** INFORMATION **
::::
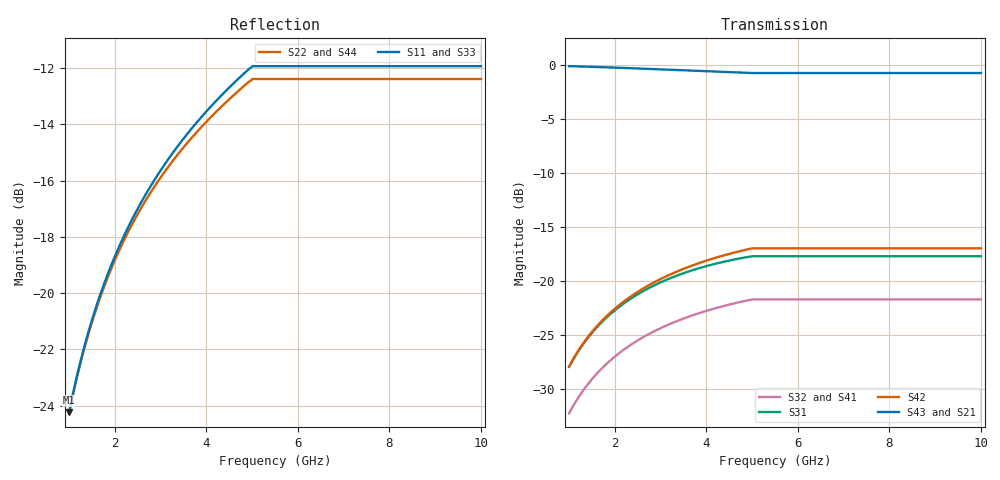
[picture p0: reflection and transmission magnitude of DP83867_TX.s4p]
! Created Fri May 12 13:39:06 2017
# hz S db R 50
! 4 Port Network Data from SP1.SP block
! freq  dbS11  angS11  dbS12  angS12  dbS13  angS13  dbS14  angS14
!  dbS21  angS21  dbS22  angS22  dbS23  angS23  dbS24  angS24
!  dbS31  angS31  dbS32  angS32  dbS33  angS33  dbS34  angS34
!  dbS41  angS41  dbS42  angS42  dbS43  angS43  dbS44  angS44
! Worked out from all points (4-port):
!   101 points, 1 GHz to 10 GHz, reference 50 ohm
!   strongest paths, dB at 1 GHz, 1.778 GHz, 3.162 GHz, 5.623 GHz, 10 GHz:
!     S43: -0.1, -0.2, -0.4, -0.7, -0.7
!     S21: -0.1, -0.2, -0.5, -0.8, -0.8
!     S42: -28.0, -23.5, -19.5, -17.0, -17.0
!     S31: -28.0, -23.6, -19.8, -17.7, -17.7
!     S32: -32.3, -27.9, -24.1, -21.7, -21.7
!     S41: -32.3, -27.9, -24.1, -21.7, -21.7
!   lowest |S11| = -24.2 dB at 1 GHz (marker M1), VSWR 1.13, Z = 51.7 + j6.03 ohm
!   |S11| at or under -10 dB: start of sweep to end of sweep
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1e9  -24.23 71.2  -0.09 -8.8  -28.00 73.0  -32.30 -112.1
     -0.09 -8.8  -24.27 78.9  -32.30 -111.7  -27.96 75.4
     -28.00 73.0  -32.30 -111.7  -24.60 72.6  -0.08 -8.3
     -32.30 -112.1  -27.96 75.4  -0.08 -8.3  -24.63 79.4
1.28825e9  -22.17 66.9  -0.13 -11.3  -25.99 68.9  -30.30 -117.7
           -0.13 -11.3  -22.23 76.8  -30.30 -117.2  -25.93 71.9
           -25.99 68.9  -30.30 -117.2  -22.53 68.8  -0.12 -10.6
           -30.30 -117.7  -25.93 71.9  -0.12 -10.6  -22.57 77.5
1.62181e9  -20.33 62.1  -0.18 -14.0  -24.25 64.2  -28.55 -124.0
           -0.18 -14.0  -20.42 74.6  -28.55 -123.4  -24.15 67.9
           -24.25 64.2  -28.55 -123.4  -20.68 64.4  -0.16 -13.3
           -28.55 -124.0  -24.15 67.9  -0.16 -13.3  -20.75 75.4
2.454709e9  -17.13 50.6  -0.33 -20.7  -21.37 53.7  -25.65 -138.6
            -0.33 -20.7  -17.32 69.8  -25.65 -137.7  -21.16 59.1
            -21.37 53.7  -25.65 -137.7  -17.45 54.0  -0.29 -19.6
            -25.65 -138.6  -21.16 59.1  -0.29 -19.6  -17.59 70.8
3.548134e9  -14.41 37.0  -0.53 -29.1  -19.23 41.7  -23.44 -155.8
            -0.53 -29.1  -14.73 64.8  -23.43 -154.5  -18.81 49.0
            -19.23 41.7  -23.43 -154.5  -14.69 41.5  -0.47 -27.7
            -23.44 -155.8  -18.81 49.0  -0.47 -27.7  -14.92 66.0
4.897788e9  -12.08 21.7  -0.79 -39.1  -17.80 29.1  -21.83 -174.8
            -0.79 -39.1  -12.53 60.2  -21.82 -172.9  -17.09 38.1
            -17.80 29.1  -21.82 -172.9  -12.33 27.4  -0.70 -37.2
            -21.83 -174.8  -17.09 38.1  -0.70 -37.2  -12.67 61.2
1e10  -11.93 20.6  -0.80 -39.8  -17.72 28.2  -21.74 -176.1
      -0.80 -39.8  -12.39 59.9  -21.73 -174.3  -16.99 37.4
      -17.72 28.2  -21.73 -174.3  -12.18 26.3  -0.72 -37.9
      -21.74 -176.1  -16.99 37.4  -0.72 -37.9  -12.52 60.9
::::
** DIRECTIONS **
Each line holding the string "from" counts once. Work out the number of such lines in the data and give only that.

** RESULT OF THE EXERCISE **
2